16. The method of claim 15, wherein the application-related identifiers indicated in the inaugural registration notification includes one or more of the following items, a name of the first application, an identifier of the first application, a uniform resource locator (URL) of the first application, and an identifier of the SCL hosted at the first node, and wherein the permissions information is determined by an SCL of the second node and/or by the second application, based on the included indicators.

17. The method of claim 15, further comprising updating a permissions database stored at the second node according to the permissions information.
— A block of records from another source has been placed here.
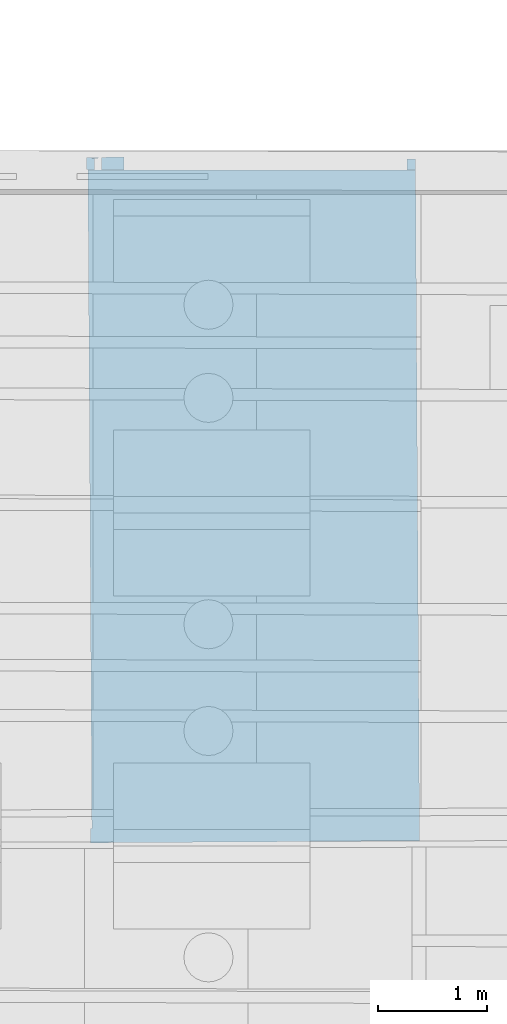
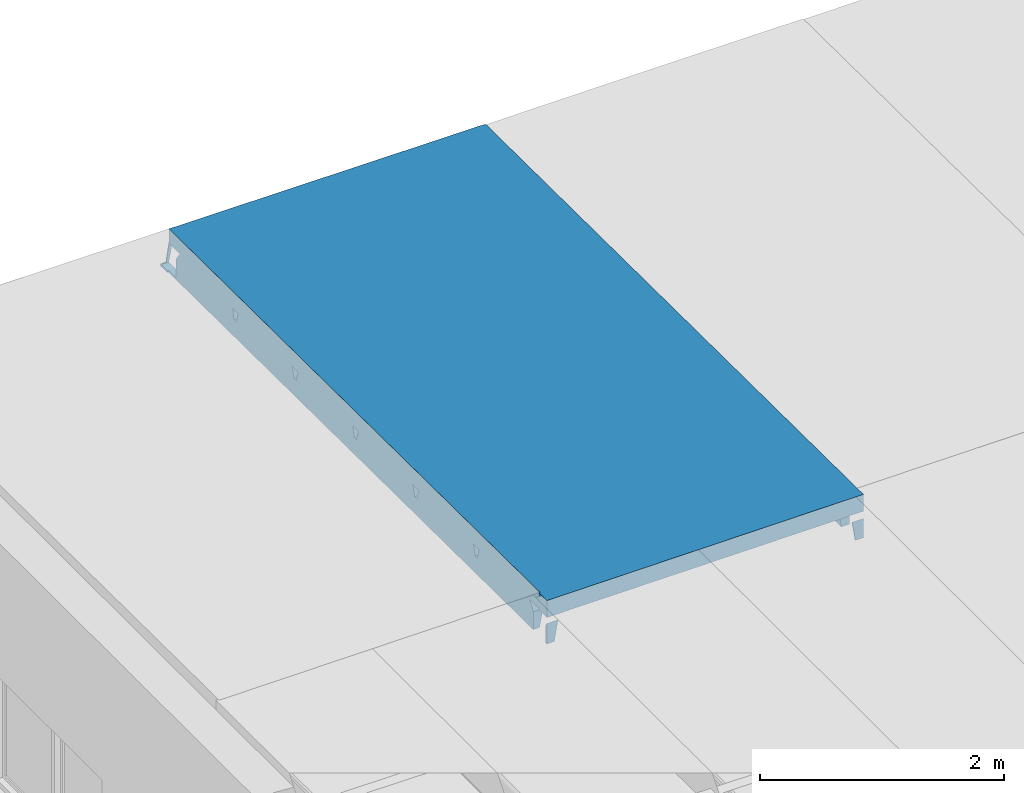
# One storey, part 24 of 153: 1 beam.
"""IFC2X3 building model written with IfcOpenShell, lengths in millimetres."""

from ifc_helpers import new_model, entity, si_unit, converted_unit, derived_unit, money_unit, direction, frame, origin_with_axes, place, context, subcontext, project, spatial, faceted_brep, material, type_object, element, save


model = new_model("IFC2X3")

# Units and contexts
model_context = context("Model", 3, precision=0.01, world=origin_with_axes(), true_north=direction((0.0, 1.0)))
body_context = subcontext(model_context, "Body", "Model", "MODEL_VIEW")
ifc_project = project(units=[si_unit("LENGTHUNIT", "METRE", prefix="MILLI"), si_unit("AREAUNIT", "SQUARE_METRE"), si_unit("VOLUMEUNIT", "CUBIC_METRE"), converted_unit("PLANEANGLEUNIT", "DEGREE", entity("IfcPlaneAngleMeasure", 0.0174532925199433), si_unit("PLANEANGLEUNIT", "RADIAN"), dimensions=[0, 0, 0, 0, 0, 0, 0]), money_unit("EUR"), converted_unit("TIMEUNIT", "Year", entity("IfcTimeMeasure", 31557600.0), si_unit("TIMEUNIT", "SECOND"), dimensions=[0, 0, 1, 0, 0, 0, 0]), si_unit("MASSUNIT", "GRAM", prefix="KILO"), si_unit("THERMODYNAMICTEMPERATUREUNIT", "DEGREE_CELSIUS"), si_unit("LUMINOUSINTENSITYUNIT", "LUMEN"), si_unit("ENERGYUNIT", "JOULE", prefix="MEGA"), derived_unit("THERMALCONDUCTANCEUNIT", [(si_unit("POWERUNIT", "WATT"), 1), (si_unit("LENGTHUNIT", "METRE"), -1), (si_unit("THERMODYNAMICTEMPERATUREUNIT", "KELVIN"), -1)]), derived_unit("SPECIFICHEATCAPACITYUNIT", [(si_unit("ENERGYUNIT", "JOULE"), 1), (si_unit("MASSUNIT", "GRAM", prefix="KILO"), -1), (si_unit("THERMODYNAMICTEMPERATUREUNIT", "KELVIN"), -1)]), derived_unit("MASSDENSITYUNIT", [(si_unit("MASSUNIT", "GRAM", prefix="KILO"), 1), (si_unit("VOLUMEUNIT", "CUBIC_METRE"), -1)])], contexts=[model_context])

# Site, building, storey
site_placement = place(None, frame((0.0, 0.0, 8650.0), z_axis=(0.0, 0.0, 1.0), x_axis=(1.0, 0.0, 0.0)))
site = spatial("IfcSite", under=ifc_project, at=site_placement, Name="43301:001:0844", CompositionType="ELEMENT")
building_placement = place(site_placement, origin_with_axes())
building = spatial("IfcBuilding", under=site, at=building_placement, Name="Kuressaare Ametikooli tuulikute mehaanikute õppekorpus", CompositionType="ELEMENT")
storey_placement = place(building_placement, frame((0.0, 0.0, 4100.0), z_axis=(0.0, 0.0, 1.0), x_axis=(1.0, 0.0, 0.0)))
storey = spatial("IfcBuildingStorey", under=building, at=storey_placement, Name="2.korrus", CompositionType="ELEMENT", Elevation=4100.0)

# Beam
ifc_material = material(Name="GENEERILINE - KONSTRUKTRIOON")
beam_type = type_object("IfcBeamType", Name="Precast Double Tee 4 3012 x 440", PredefinedType="NOTDEFINED")
beam_placement = place(storey_placement, frame((92792.67215728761, 38052.54463005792, 2975.0), z_axis=(0.0, 0.0, 1.0), x_axis=(-0.9999823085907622, -0.005948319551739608, 0.0)))
element("IfcBeam", 1, at=beam_placement, inside=storey, type_object=beam_type, material=ifc_material, context=body_context, shape_type="Brep", body=[
    faceted_brep([(1494.740855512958, 5899.100971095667, -258.4370837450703), (1494.740855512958, 5899.101509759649, -434.9999999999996), (1434.907617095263, 5899.241880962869, -434.9999999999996), (1402.787815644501, 5899.316696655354, -258.4370837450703), (1494.740855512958, 5896.299006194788, -440.0001340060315), (1494.740855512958, 5896.299006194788, -434.9999999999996), (1494.740855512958, 5879.879463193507, -226.2850273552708), (1494.740855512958, 5857.013607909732, -196.6139201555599), (1494.740855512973, 5830.820125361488, -169.8347433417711), (1494.740855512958, 6006.401498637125, -169.8347433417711), (1494.740855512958, 6006.401498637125, 0.0), (1494.740855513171, -23.60027413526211, 0.0), (1494.740855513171, -23.60027413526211, -144.9098486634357), (1494.740855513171, 155.5162758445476, -144.9098486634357), (1494.740855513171, 144.5533657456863, -156.4427065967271), (1494.740855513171, 112.8798423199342, -197.4581574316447), (1494.740855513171, 87.28700694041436, -242.5188171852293), (1494.740855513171, 87.28646918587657, -420.0865585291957), (1494.740855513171, -31.1955784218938, -420.0865585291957), (1494.740855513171, -31.1955784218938, -440.0001340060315), (1494.740855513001, 4930.620840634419, -184.2363394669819), (1494.740855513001, 4926.046036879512, -175.4405967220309), (1494.740855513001, 4917.846952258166, -169.8663369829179), (1494.740855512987, 5024.878680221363, -169.8663369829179), (1494.740855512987, 5016.679528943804, -175.4406717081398), (1494.740855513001, 5012.104745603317, -184.2365347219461), (1494.740855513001, 4991.36401719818, -271.8138152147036), (1494.740855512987, 4951.362530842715, -271.8138152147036), (1494.740855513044, 3947.894756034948, -184.2363394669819), (1494.74085551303, 3943.319952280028, -175.4405967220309), (1494.740855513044, 3935.120867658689, -169.8663369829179), (1494.740855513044, 4042.152595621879, -169.8663369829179), (1494.74085551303, 4033.953444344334, -175.4406717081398), (1494.74085551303, 4029.378661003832, -184.2365347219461), (1494.74085551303, 4008.637932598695, -271.8138152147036), (1494.74085551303, 3968.636446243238, -271.8138152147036), (1494.740855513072, 2967.325843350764, -184.2363394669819), (1494.740855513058, 2962.751039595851, -175.4405967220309), (1494.740855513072, 2954.551954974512, -169.8663369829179), (1494.740855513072, 3061.583682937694, -169.8663369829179), (1494.740855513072, 3053.384531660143, -175.4406717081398), (1494.740855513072, 3048.809748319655, -184.2365347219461), (1494.740855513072, 3028.069019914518, -271.8138152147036), (1494.740855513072, 2988.067533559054, -271.8138152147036), (1494.740855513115, 1986.383049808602, -184.2363394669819), (1494.740855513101, 1981.808246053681, -175.4405967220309), (1494.740855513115, 1973.609161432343, -169.8663369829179), (1494.740855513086, 2080.640889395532, -169.8663369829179), (1494.740855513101, 2072.441738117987, -175.4406717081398), (1494.740855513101, 2067.866954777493, -184.2365347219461), (1494.740855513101, 2047.126226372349, -271.8138152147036), (1494.740855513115, 2007.124740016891, -271.8138152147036), (1494.740855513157, 1013.903768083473, -184.2363394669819), (1494.740855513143, 1009.32896432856, -175.4405967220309), (1494.740855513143, 1001.129879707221, -169.8663369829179), (1494.740855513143, 1108.161607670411, -169.8663369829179), (1494.740855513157, 1099.962456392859, -175.4406717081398), (1494.740855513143, 1095.387673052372, -184.2365347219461), (1494.740855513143, 1074.646944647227, -271.8138152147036), (1494.740855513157, 1034.645458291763, -271.8138152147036), (1434.907617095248, 5896.490329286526, -434.9999999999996), (1435.817226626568, 5896.487420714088, -440.0001340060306), (1435.817226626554, -139.8621729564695, -440.0001340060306), (1431.269276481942, -139.8151808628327, -415.0000000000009), (1431.269276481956, -140.5861952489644, -415.0000000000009), (1396.848486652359, -140.5861952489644, -225.7885242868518), (1399.892011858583, -131.1087331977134, -242.5188171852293), (1432.194608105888, -131.3708071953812, -420.0865585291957), (1432.194608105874, 87.7949539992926, -420.0865585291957), (1399.892011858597, 88.05810350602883, -242.5188171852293), (1394.001504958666, 106.4967725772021, -210.1386333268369), (1394.001504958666, 1020.906879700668, -210.1386333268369), (1405.221270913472, 1035.417193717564, -271.8138152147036), (1405.221270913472, 1075.418680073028, -271.8138152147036), (1394.001504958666, 1090.121797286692, -210.1386333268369), (1394.001504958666, 1993.386161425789, -210.1386333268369), (1405.221270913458, 2007.896475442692, -271.8138152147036), (1405.221270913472, 2047.897961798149, -271.8138152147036), (1394.001504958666, 2062.601079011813, -210.1386333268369), (1394.001504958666, 2974.328954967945, -210.1386333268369), (1405.221270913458, 2988.839268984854, -271.8138152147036), (1405.221270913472, 3028.840755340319, -271.8138152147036), (1394.001504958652, 3043.543872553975, -210.1386333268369), (1394.001504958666, 3954.897867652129, -210.1386333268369), (1405.221270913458, 3969.408181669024, -271.8138152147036), (1405.221270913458, 4009.409668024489, -271.8138152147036), (1394.00150495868, 4024.11278523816, -210.1386333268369), (1394.001504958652, 4937.623952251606, -210.1386333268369), (1405.221270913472, 4952.134266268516, -271.8138152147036), (1405.221270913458, 4992.13575262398, -271.8138152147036), (1394.001504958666, 5006.838869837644, -210.1386333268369), (1394.001504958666, 5867.672683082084, -210.1386333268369), (1396.938809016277, 5880.108910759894, -226.2850273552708), (1389.037136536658, 5857.261593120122, -196.6139201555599), (1342.636896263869, 5832.257869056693, -170.9398142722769), (-1313.04955069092, 5837.407315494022, -169.8347433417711), (1387.903755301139, 5854.24404933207, -193.5261847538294), (1376.104194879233, 5841.372057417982, -180.3380699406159), (1360.269640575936, 5833.681191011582, -172.4372542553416), (1505.817226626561, 6135.894783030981, -169.8347433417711), (1505.817226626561, 6006.401498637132, -169.8347433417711), (-1313.049550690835, 6135.894783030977, -169.8347433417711), (1505.817226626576, 6006.401498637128, 0.0), (-1505.81722662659, -5.751680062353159, 0.0), (1505.817226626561, 6135.894783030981, 0.0), (-1505.817226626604, 6135.894783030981, 0.0), (1368.057157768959, -22.84670568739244, -144.8234995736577), (1368.527498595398, -22.8495034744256, -144.9098486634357), (-1505.817226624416, -5.75168006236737, -144.9098486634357), (1161.448191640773, -21.61770779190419, -144.9098486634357), (1163.800308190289, -21.63169918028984, -144.9098486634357), (-1505.817226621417, 179.9100369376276, -144.9098486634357), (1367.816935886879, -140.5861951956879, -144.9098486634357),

18. A second node configured for automating access control in a Machine-to-Machine (M2M) network comprising:

a communication interface configured for communicating with a first node in the M2M network; and

a processing circuit operatively associated with the communication interface and a memory or other storage device and configured to:

send a subscription request to the first node, requesting notification of inaugural registrations by M2M applications with a Services Capability Layer (SCL) hosted by the first node;

receive an inaugural registration notification from the first node in accordance with the subscription request, for a first application that conducted an inaugural registration with the SCL hosted at the first node; and

determine permissions information at the second node for the first application with respect to a resource maintained at the second node by or for a second application that is registered at the second node, for controlling access to the resource by the first application.

19. The second node of claim 18, wherein the application-related identifiers indicated in the inaugural registration notification includes one or more of the following items, a name of the first application, an identifier of the first application, a uniform resource locator (URL) of the first application, and an identifier of the SCL hosted at the first node, and wherein the permissions information is determined by an SCL of the second node and/or by the second application, based on the included indicators.

20. The second node of claim 18, wherein the processing circuit is configured to update a permissions database stored at the second node according to the permissions information.